**TO DO:** Search the data for the word "height" and copy every line where it occurs.
==== EXCERPTED DATA ====
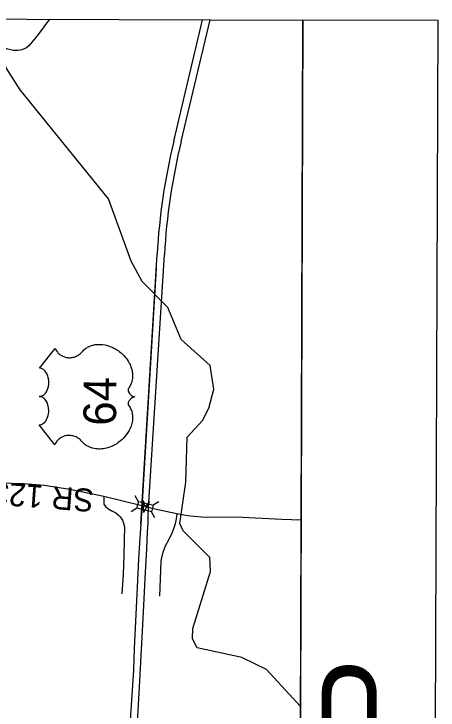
# Model space of a CAD drawing. Extents: x 2364794 to 2387902, y 795230 to 810426.
# Drawn here: x 2366848 to 2367318, y 801786 to 802558 of the extents above; entities that cross this region are included whole.
import ezdxf

# ---------------------------------------------------------------- set-up
doc = ezdxf.new("R2010")
doc.units = 0
for name, color, linetype in [('Default', 7, 'Continuous'), ('Old_Level_10', 7, 'Continuous'), ('Plot Label CELL', 7, 'Continuous'), ('Plot Shape CELL', 7, 'Continuous'), ('User Information Notes CELL', 7, 'Continuous')]:
    doc.layers.add(name, color=color, linetype=linetype)

msp = doc.modelspace()

# ---------------------------------------------------------------- linework, layer by layer
at = {"layer": 'Default'}
for p, q in [((2367318.28, 802550.69), (2367168.28, 802551.22)), ((2367310.68, 800398.89), (2367318.28, 802550.69)), ((2366937.8, 802191.08), (2366938.87, 802191.23)), ((2366938.87, 802191.23), (2366940.97, 802191.39)), ((2366940.97, 802191.39), (2366943.51, 802191.39)), ((2366943.51, 802191.39), (2366945.93, 802191.19)), ((2366945.93, 802191.19), (2366948.74, 802190.72)), ((2366875.76, 802165), (2366893.34, 802186.91)), ((2366893.34, 802186.91), (2366893.54, 802186.39)), ((2366893.54, 802186.39), (2366894.12, 802185.19)), ((2366894.12, 802185.19), (2366894.67, 802184.24)), ((2366894.67, 802184.24), (2366895.73, 802182.73)), ((2366922.49, 802182.24), (2366923.64, 802183.6)), ((2366923.64, 802183.6), (2366924.29, 802184.33)), ((2366924.29, 802184.33), (2366925.13, 802185.17)), ((2366925.13, 802185.17), (2366926.74, 802186.54)), ((2366926.74, 802186.54), (2366927.49, 802187.09)), ((2366927.49, 802187.09), (2366928.34, 802187.65)), ((2366928.34, 802187.65), (2366929.21, 802188.17)), ((2366929.21, 802188.17), (2366930.15, 802188.69)), ((2366930.15, 802188.69), (2366930.96, 802189.1)), ((2366930.96, 802189.1), (2366932.85, 802189.86)), ((2366932.85, 802189.86), (2366934.68, 802190.42)), ((2366934.68, 802190.42), (2366935.64, 802190.68)), ((2366935.64, 802190.68), (2366937.8, 802191.08)), ((2366948.74, 802190.72), (2366950.43, 802190.34)), ((2366950.43, 802190.34), (2366952.39, 802189.75)), ((2366952.39, 802189.75), (2366954.09, 802189.19)), ((2366954.09, 802189.19), (2366956.59, 802188.18)), ((2366956.59, 802188.18), (2366958.4, 802187.28)), ((2366958.4, 802187.28), (2366960.53, 802186.12)), ((2366960.53, 802186.12), (2366961.81, 802185.32)), ((2366961.81, 802185.32), (2366963.18, 802184.4)), ((2366963.18, 802184.4), (2366964.76, 802183.24)), ((2366895.73, 802182.73), (2366896.31, 802182.08)), ((2366896.31, 802182.08), (2366896.92, 802181.43)), ((2366896.92, 802181.43), (2366897.57, 802180.83)), ((2366897.57, 802180.83), (2366898.18, 802180.3)), ((2366898.18, 802180.3), (2366899.06, 802179.66)), ((2366899.06, 802179.66), (2366899.94, 802179.09)), ((2366899.94, 802179.09), (2366900.91, 802178.52)), ((2366900.91, 802178.52), (2366901.75, 802178.11)), ((2366901.75, 802178.11), (2366903.52, 802177.43)), ((2366903.52, 802177.43), (2366904.63, 802177.1)), ((2366904.63, 802177.1), (2366905.58, 802176.89)), ((2366905.58, 802176.89), (2366907.54, 802176.63)), ((2366907.54, 802176.63), (2366908.47, 802176.56)), ((2366908.47, 802176.56), (2366909.39, 802176.55)), ((2366909.39, 802176.55), (2366910.37, 802176.6)), ((2366910.37, 802176.6), (2366911.3, 802176.69)), ((2366911.3, 802176.69), (2366912.28, 802176.86)), ((2366912.28, 802176.86), (2366913.13, 802177.01)), ((2366913.13, 802177.01), (2366914.19, 802177.28)), ((2366914.19, 802177.28), (2366915.41, 802177.66)), ((2366915.41, 802177.66), (2366916.59, 802178.14)), ((2366916.59, 802178.14), (2366918.5, 802179.14)), ((2366918.5, 802179.14), (2366920.46, 802180.42)), ((2366920.46, 802180.42), (2366921.55, 802181.34)), ((2366921.55, 802181.34), (2366922.49, 802182.24)), ((2366964.76, 802183.24), (2366966.45, 802181.88)), ((2366966.45, 802181.88), (2366968.22, 802180.25)), ((2366968.22, 802180.25), (2366969.53, 802178.94)), ((2366969.53, 802178.94), (2366971.05, 802177.22)), ((2366971.05, 802177.22), (2366971.91, 802176.18)), ((2366971.91, 802176.18), (2366973.02, 802174.69)), ((2366973.02, 802174.69), (2366974.36, 802172.67)), ((2366974.36, 802172.67), (2366975.51, 802170.66)), ((2366975.51, 802170.66), (2366976.37, 802168.96)), ((2366976.37, 802168.96), (2366977.02, 802167.45)), ((2366876.41, 802164.97), (2366875.76, 802165)), ((2366877.18, 802164.87), (2366876.41, 802164.97)), ((2366878.06, 802164.65), (2366877.18, 802164.87)), ((2366878.89, 802164.3), (2366878.06, 802164.65)), ((2366879.68, 802163.92), (2366878.89, 802164.3)), ((2366880.45, 802163.38), (2366879.68, 802163.92)), ((2366881.5, 802162.47), (2366880.45, 802163.38)), ((2366882.37, 802161.51), (2366881.5, 802162.47)), ((2366883.02, 802160.7), (2366882.37, 802161.51)), ((2366883.71, 802159.59), (2366883.02, 802160.7)), ((2366977.02, 802167.45), (2366977.75, 802165.5)), ((2366977.75, 802165.5), (2366978.63, 802162.26)), ((2366978.63, 802162.26), (2366978.88, 802161.08)), ((2366978.88, 802161.08), (2366979.08, 802159.67)), ((2366884.41, 802158.23), (2366883.71, 802159.59)), ((2366884.87, 802157.18), (2366884.41, 802158.23)), ((2366885.29, 802155.98), (2366884.87, 802157.18)), ((2366885.64, 802154.66), (2366885.29, 802155.98)), ((2366885.85, 802153.66), (2366885.64, 802154.66)), ((2366886.06, 802152.41), (2366885.85, 802153.66)), ((2366979.14, 802153.68), (2366978.9, 802152.07)), ((2366979.08, 802159.67), (2366979.21, 802158.36)), ((2366979.27, 802155.38), (2366979.14, 802153.68)), ((2366979.21, 802158.36), (2366979.28, 802157.09)), ((2366979.28, 802157.09), (2366979.27, 802155.38)), ((2366885.76, 802144.51), (2366885.95, 802145.65)), ((2366885.95, 802145.65), (2366886.13, 802146.82)), ((2366886.18, 802151.28), (2366886.06, 802152.41)), ((2366886.13, 802146.82), (2366886.22, 802148.01)), ((2366886.24, 802150.18), (2366886.18, 802151.28)), ((2366886.22, 802148.01), (2366886.25, 802148.98)), ((2366886.25, 802148.98), (2366886.24, 802150.18)), ((2366976.59, 802145.45), (2366974.87, 802142.74)), ((2366977.39, 802147.06), (2366976.59, 802145.45)), ((2366978.02, 802148.65), (2366977.39, 802147.06)), ((2366978.54, 802150.4), (2366978.02, 802148.65)), ((2366978.9, 802152.07), (2366978.54, 802150.4)), ((2366882.07, 802136.72), (2366882.52, 802137.27)), ((2366882.52, 802137.27), (2366883.55, 802138.76)), ((2366883.55, 802138.76), (2366884.44, 802140.5)), ((2366884.44, 802140.5), (2366884.82, 802141.36)), ((2366884.82, 802141.36), (2366885.14, 802142.24)), ((2366885.14, 802142.24), (2366885.48, 802143.35)), ((2366885.48, 802143.35), (2366885.76, 802144.51)), ((2366974.33, 802141.52), (2366974.27, 802140.47)), ((2366974.27, 802140.47), (2366974.48, 802139.48)), ((2366974.45, 802141.96), (2366974.33, 802141.52)), ((2366974.87, 802142.74), (2366974.45, 802141.96)), ((2366974.48, 802139.48), (2366974.88, 802138.46)), ((2366974.88, 802138.46), (2366975.2, 802137.85)), ((2366975.2, 802137.85), (2366975.73, 802137.04)), ((2366875.67, 802133.55), (2366876.69, 802133.63)), ((2366876.89, 802133.46), (2366875.67, 802133.55)), ((2366876.69, 802133.63), (2366877.33, 802133.73)), ((2366877.47, 802133.33), (2366876.89, 802133.46)), ((2366877.33, 802133.73), (2366877.95, 802133.9)), ((2366878.79, 802132.86), (2366877.47, 802133.33)), ((2366877.95, 802133.9), (2366878.62, 802134.15)), ((2366878.62, 802134.15), (2366879.55, 802134.62)), ((2366879.42, 802132.52), (2366878.79, 802132.86)), ((2366880.06, 802132.13), (2366879.42, 802132.52)), ((2366879.55, 802134.62), (2366880.33, 802135.13)), ((2366881.22, 802131.2), (2366880.06, 802132.13)), ((2366880.33, 802135.13), (2366881.49, 802136.11)), ((2366882.33, 802130.03), (2366881.22, 802131.2)), ((2366881.49, 802136.11), (2366882.07, 802136.72)), ((2366882.92, 802129.2), (2366882.33, 802130.03)), ((2366976.29, 802130.02), (2366975.61, 802129.19)), ((2366975.73, 802137.04), (2366976.22, 802136.42)), ((2366976.22, 802136.42), (2366976.93, 802135.66)), ((2366976.95, 802130.7), (2366976.29, 802130.02)), ((2366976.93, 802135.66), (2366977.53, 802135.14)), ((2366977.84, 802131.47), (2366976.95, 802130.7)), ((2366977.53, 802135.14), (2366977.99, 802134.74)), ((2366978.53, 802131.95), (2366977.84, 802131.47)), ((2366977.99, 802134.74), (2366979.2, 802133.97)), ((2366979.31, 802132.41), (2366978.53, 802131.95)), ((2366979.2, 802133.97), (2366979.77, 802133.7)), ((2366980.22, 802132.81), (2366979.31, 802132.41)), ((2366979.77, 802133.7), (2366980.51, 802133.41)), ((2366981.59, 802133.16), (2366980.22, 802132.81)), ((2366980.51, 802133.41), (2366981.59, 802133.16)), ((2366883.59, 802128.15), (2366882.92, 802129.2)), ((2366884.29, 802126.83), (2366883.59, 802128.15)), ((2366884.78, 802125.64), (2366884.29, 802126.83)), ((2366885.22, 802124.35), (2366884.78, 802125.64)), ((2366885.51, 802123.2), (2366885.22, 802124.35)), ((2366885.98, 802120.7), (2366885.51, 802123.2)), ((2366974.26, 802126.16), (2366974.21, 802125.52)), ((2366974.21, 802125.52), (2366974.22, 802124.98)), ((2366974.22, 802124.98), (2366974.38, 802124.25)), ((2366974.46, 802126.96), (2366974.26, 802126.16)), ((2366974.38, 802124.25), (2366975.1, 802123.26)), ((2366974.71, 802127.6), (2366974.46, 802126.96)), ((2366975.07, 802128.31), (2366974.71, 802127.6)), ((2366975.61, 802129.19), (2366975.07, 802128.31)), ((2366975.1, 802123.26), (2366975.74, 802122.31)), ((2366975.74, 802122.31), (2366976.37, 802121.28)), ((2366885.46, 802112.31), (2366885.86, 802114.24)), ((2366885.86, 802114.24), (2366886.1, 802116.35)), ((2366886.14, 802118.44), (2366885.98, 802120.7)), ((2366886.1, 802116.35), (2366886.14, 802118.44)), ((2366976.37, 802121.28), (2366977.02, 802120.06)), ((2366977.02, 802120.06), (2366977.43, 802119.17)), ((2366977.43, 802119.17), (2366977.84, 802118.1)), ((2366977.84, 802118.1), (2366978.25, 802116.85)), ((2366978.25, 802116.85), (2366978.6, 802115.5)), ((2366978.6, 802115.5), (2366978.87, 802114.11)), ((2366978.87, 802114.11), (2366979.06, 802112.89)), ((2366881.72, 802105.04), (2366882.8, 802106.34)), ((2366882.8, 802106.34), (2366883.38, 802107.22)), ((2366883.38, 802107.22), (2366884.19, 802108.72)), ((2366884.19, 802108.72), (2366884.91, 802110.42)), ((2366884.91, 802110.42), (2366885.46, 802112.31)), ((2366978.97, 802106.68), (2366978.72, 802105.02)), ((2366979.09, 802108.01), (2366978.97, 802106.68)), ((2366979.06, 802112.89), (2366979.17, 802111.58)), ((2366979.19, 802109.17), (2366979.09, 802108.01)), ((2366979.17, 802111.58), (2366979.2, 802110.4)), ((2366979.2, 802110.4), (2366979.19, 802109.17)), ((2366875.61, 802102.11), (2366876.52, 802102.17)), ((2366893.03, 802080.08), (2366875.61, 802102.11)), ((2366876.52, 802102.17), (2366877.6, 802102.38)), ((2366877.6, 802102.38), (2366878.15, 802102.55)), ((2366878.15, 802102.55), (2366879.22, 802103.05)), ((2366879.22, 802103.05), (2366880.48, 802103.88)), ((2366880.48, 802103.88), (2366881.72, 802105.04)), ((2366976.92, 802099.11), (2366976.04, 802097.11)), ((2366977.53, 802100.7), (2366976.92, 802099.11)), ((2366978.01, 802102.19), (2366977.53, 802100.7)), ((2366978.4, 802103.64), (2366978.01, 802102.19)), ((2366978.72, 802105.02), (2366978.4, 802103.64)), ((2366972.27, 802090.97), (2366970.69, 802089.04)), ((2366974.06, 802093.54), (2366972.27, 802090.97)), ((2366975.32, 802095.73), (2366974.06, 802093.54)), ((2366976.04, 802097.11), (2366975.32, 802095.73)), ((2366895.16, 802083.83), (2366894.52, 802082.94)), ((2366895.89, 802084.76), (2366895.16, 802083.83)), ((2366896.87, 802085.73), (2366895.89, 802084.76)), ((2366897.96, 802086.7), (2366896.87, 802085.73)), ((2366899.3, 802087.63), (2366897.96, 802086.7)), ((2366900.75, 802088.46), (2366899.3, 802087.63)), ((2366901.81, 802088.96), (2366900.75, 802088.46)), ((2366903.27, 802089.5), (2366901.81, 802088.96)), ((2366904.54, 802089.84), (2366903.27, 802089.5)), ((2366906, 802090.12), (2366904.54, 802089.84)), ((2366907.52, 802090.28), (2366906, 802090.12)), ((2366908.82, 802090.32), (2366907.52, 802090.28)), ((2366910.39, 802090.25), (2366908.82, 802090.32)), ((2366911.65, 802090.07), (2366910.39, 802090.25)), ((2366912.98, 802089.81), (2366911.65, 802090.07)), ((2366914.02, 802089.55), (2366912.98, 802089.81)), ((2366915.5, 802089.04), (2366914.02, 802089.55)), ((2366916.46, 802088.64), (2366915.5, 802089.04)), ((2366917.74, 802087.96), (2366916.46, 802088.64)), ((2366918.61, 802087.45), (2366917.74, 802087.96)), ((2366919.58, 802086.81), (2366918.61, 802087.45)), ((2366920.63, 802086.01), (2366919.58, 802086.81)), ((2366921.38, 802085.35), (2366920.63, 802086.01)), ((2366922.62, 802084.07), (2366921.38, 802085.35)), ((2366923.49, 802083), (2366922.62, 802084.07)), ((2366965.87, 802084.32), (2366963.37, 802082.4)), ((2366967.26, 802085.54), (2366965.87, 802084.32)), ((2366969.4, 802087.62), (2366967.26, 802085.54)), ((2366970.69, 802089.04), (2366969.4, 802087.62)), ((2366893.31, 802080.76), (2366893.03, 802080.08)), ((2366893.84, 802081.83), (2366893.31, 802080.76)), ((2366894.52, 802082.94), (2366893.84, 802081.83)), ((2366924.6, 802081.83), (2366923.49, 802083)), ((2366925.82, 802080.7), (2366924.6, 802081.83)), ((2366926.92, 802079.84), (2366925.82, 802080.7)), ((2366928.21, 802078.96), (2366926.92, 802079.84)), ((2366929.42, 802078.27), (2366928.21, 802078.96)), ((2366930.87, 802077.53), (2366929.42, 802078.27)), ((2366932.39, 802076.91), (2366930.87, 802077.53)), ((2366933.76, 802076.44), (2366932.39, 802076.91)), ((2366934.89, 802076.12), (2366933.76, 802076.44)), ((2366936.46, 802075.76), (2366934.89, 802076.12)), ((2366938.29, 802075.46), (2366936.46, 802075.76)), ((2366940.01, 802075.29), (2366938.29, 802075.46)), ((2366945.21, 802075.39), (2366943.27, 802075.26)), ((2366947.04, 802075.63), (2366945.21, 802075.39)), ((2366948.38, 802075.88), (2366947.04, 802075.63)), ((2366950.26, 802076.28), (2366948.38, 802075.88)), ((2366951.34, 802076.57), (2366950.26, 802076.28)), ((2366953.03, 802077.11), (2366951.34, 802076.57)), ((2366954.81, 802077.76), (2366953.03, 802077.11)), ((2366956.76, 802078.58), (2366954.81, 802077.76)), ((2366958.1, 802079.22), (2366956.76, 802078.58)), ((2366960.23, 802080.38), (2366958.1, 802079.22)), ((2366961.56, 802081.18), (2366960.23, 802080.38)), ((2366963.37, 802082.4), (2366961.56, 802081.18)), ((2366941.49, 802075.24), (2366940.01, 802075.29)), ((2366943.27, 802075.26), (2366941.49, 802075.24)), ((2366985.96, 802016.8), (2366982.1, 802023.28)), ((2367008.49, 802016.73), (2367002.01, 802012.87)), ((2366984.11, 802009.49), (2366977.62, 802005.63)), ((2367003.97, 801998.91), (2367000.12, 802005.39))]:
    msp.add_line(p, q, dxfattribs=at)
for points in [[(2365221.07, 800406.27), (2365228.68, 802558.07), (2367168.28, 802551.22), (2367160.68, 800399.42)], [(2365221.07, 800406.27), (2365228.68, 802558.07), (2367168.28, 802551.22), (2367160.68, 800399.42)], [(2367000.12, 802005.39), (2366984.1, 802009.45), (2366986, 802016.93), (2367002.01, 802012.87)], [(2366997.82, 802016.48), (2366991.4, 802004.79), (2366991.11, 802018.12), (2366992.99, 802011.27)]]:
    msp.add_lwpolyline(points, close=True, dxfattribs=at)
msp.add_lwpolyline([(2366996.74, 802010.32), (2366989.3, 802012.18)], dxfattribs=at)
at = {"layer": 'Old_Level_10'}
msp.add_line((2367160.68, 800399.42), (2367168.28, 802551.22), dxfattribs=at)
at = {"layer": 'Plot Label CELL'}
for points in [[(2366886.86, 802552.21), (2366874.6, 802535.38), (2366864.45, 802523.06), (2366861.4, 802520.39), (2366856.4, 802518.39), (2366852.03, 802517.46), (2366846.78, 802517.63), (2366840.65, 802518.89), (2366832.97, 802522.09), (2366827.69, 802524.88), (2366823.06, 802529.42), (2366816.88, 802534.39), (2366811.61, 802536.76), (2366805.02, 802539.09), (2366790.37, 802541.35), (2366785.99, 802542.84), (2366778.98, 802543.42), (2366763.45, 802542.84), (2366670.76, 802542.95)], [(2366947.33, 802022.4), (2366909.47, 802030.47), (2366881.22, 802034.79), (2366858.02, 802036.54), (2366817.35, 802037.88), (2366808.82, 802038.47), (2366785.8, 802042.4), (2366757.54, 802049.56), (2366705.12, 802062.67), (2366691.98, 802067.02), (2366672.34, 802071.47), (2366662.16, 802071.76), (2366650.93, 802070.75)], [(2366947.33, 802022.4), (2366947.15, 802017.27), (2366947.46, 802013.91), (2366949.22, 802011.5), (2366951.62, 802009.4), (2366956.26, 802006.82), (2366960.58, 802004.56), (2366963.3, 802002.31), (2366965.38, 802000.06), (2366967.93, 801996.36), (2366969.2, 801992.83), (2366970.31, 801988.98), (2366969.94, 801974.39), (2366969.55, 801956.92), (2366968.84, 801936.08), (2366967.32, 801914.6)], [(2366989.3, 802012.18), (2366947.33, 802022.4)], [(2367028.27, 802003.37), (2367004.06, 802008.58), (2366990.89, 802011.72)], [(2367028.27, 802003.37), (2367027.63, 801997.83), (2367026.38, 801992.29), (2367025.13, 801987.62), (2367023.27, 801982.45), (2367019.42, 801974.96), (2367015.45, 801967.46), (2367013.09, 801961.43), (2367011.22, 801954.79), (2367010.71, 801950.85), (2367009.78, 801930.9), (2367008.97, 801912.06)], [(2367166.32, 801996.17), (2367145.04, 801996.99), (2367101.16, 801999.27), (2367055.6, 801999.78), (2367040.18, 802000.96), (2367028.27, 802003.37)]]:
    msp.add_lwpolyline(points, dxfattribs=at)
at = {"layer": 'Plot Shape CELL'}
for p, q in [((2367024.89, 802416.87), (2367056.98, 802551.61)), ((2367033, 802416.36), (2367065.2, 802551.58)), ((2366988.49, 801991.89), (2367006.34, 802291.36)), ((2366996.74, 802010.32), (2367014.46, 802290.84))]:
    msp.add_line(p, q, dxfattribs=at)
for points in [[(2367005.42, 802275.78), (2366988.49, 801991.89), (2366987.31, 801976.68), (2366985.86, 801953.08), (2366984.16, 801921.98), (2366980.98, 801853.82), (2366980.2, 801829.83), (2366976.55, 801774.3)], [(2366984.81, 801772.63), (2366986.37, 801804.25), (2366989.34, 801859.33), (2366991.17, 801894.51), (2366993.7, 801938.64), (2366994.97, 801964.47), (2366995.79, 801983.07), (2366996.36, 801993.6), (2366996.65, 802001.77), (2366996.74, 802010.32)]]:
    msp.add_lwpolyline(points, dxfattribs=at)
for centre in [(2367734.05, 802247.98), (2367742.16, 802247.47)]:
    msp.add_arc(centre, 729, 166.60446, 176.58894, dxfattribs=at)
at = {"layer": 'User Information Notes CELL'}
for points in [[(2366952.37, 802352.7), (2366854.55, 802473.77), (2366838.92, 802498.22), (2366831.25, 802520.87), (2366831.58, 802552.41)], [(2367165.59, 801789.69), (2367127.94, 801830.6), (2367100.53, 801844.03), (2367050.97, 801854.48), (2367045.57, 801864.45), (2367046.21, 801876.27), (2367065.75, 801939.27), (2367064.82, 801954.82), (2367035.35, 801984.56), (2367031.47, 801992.65), (2367038.37, 802038.34), (2367039.74, 802088.43), (2367056.99, 802106.85), (2367064.02, 802120.59), (2367069.34, 802141.58), (2367065.48, 802167.94), (2367033.18, 802196.8), (2367018.23, 802232.19), (2366989.88, 802261.04), (2366977.55, 802283.73), (2366952.37, 802352.7)]]:
    msp.add_lwpolyline(points, dxfattribs=at)

# ---------------------------------------------------------------- texts
at = {"layer": 'Default'}
for s, height, p in [('64', 36.308, (2366960.92, 802101.08)), ('VICINITY MAP', 100, (2367286.06, 800950.79))]:
    msp.add_text(s, height=height, rotation=89.79762, dxfattribs=at).set_placement(p)
at = {"layer": 'Plot Label CELL'}
msp.add_text('SR 1233', height=25.362, rotation=175.70042, dxfattribs=at).set_placement((2366937.01, 802030.6))

doc.saveas('drawing.dxf')
====
**SOLUTION FOR THIS PROBLEM:**
for s, height, p in [('64', 36.308, (2366960.92, 802101.08)), ('VICINITY MAP', 100, (2367286.06, 800950.79))]:
    msp.add_text(s, height=height, rotation=89.79762, dxfattribs=at).set_placement(p)
msp.add_text('SR 1233', height=25.362, rotation=175.70042, dxfattribs=at).set_placement((2366937.01, 802030.6))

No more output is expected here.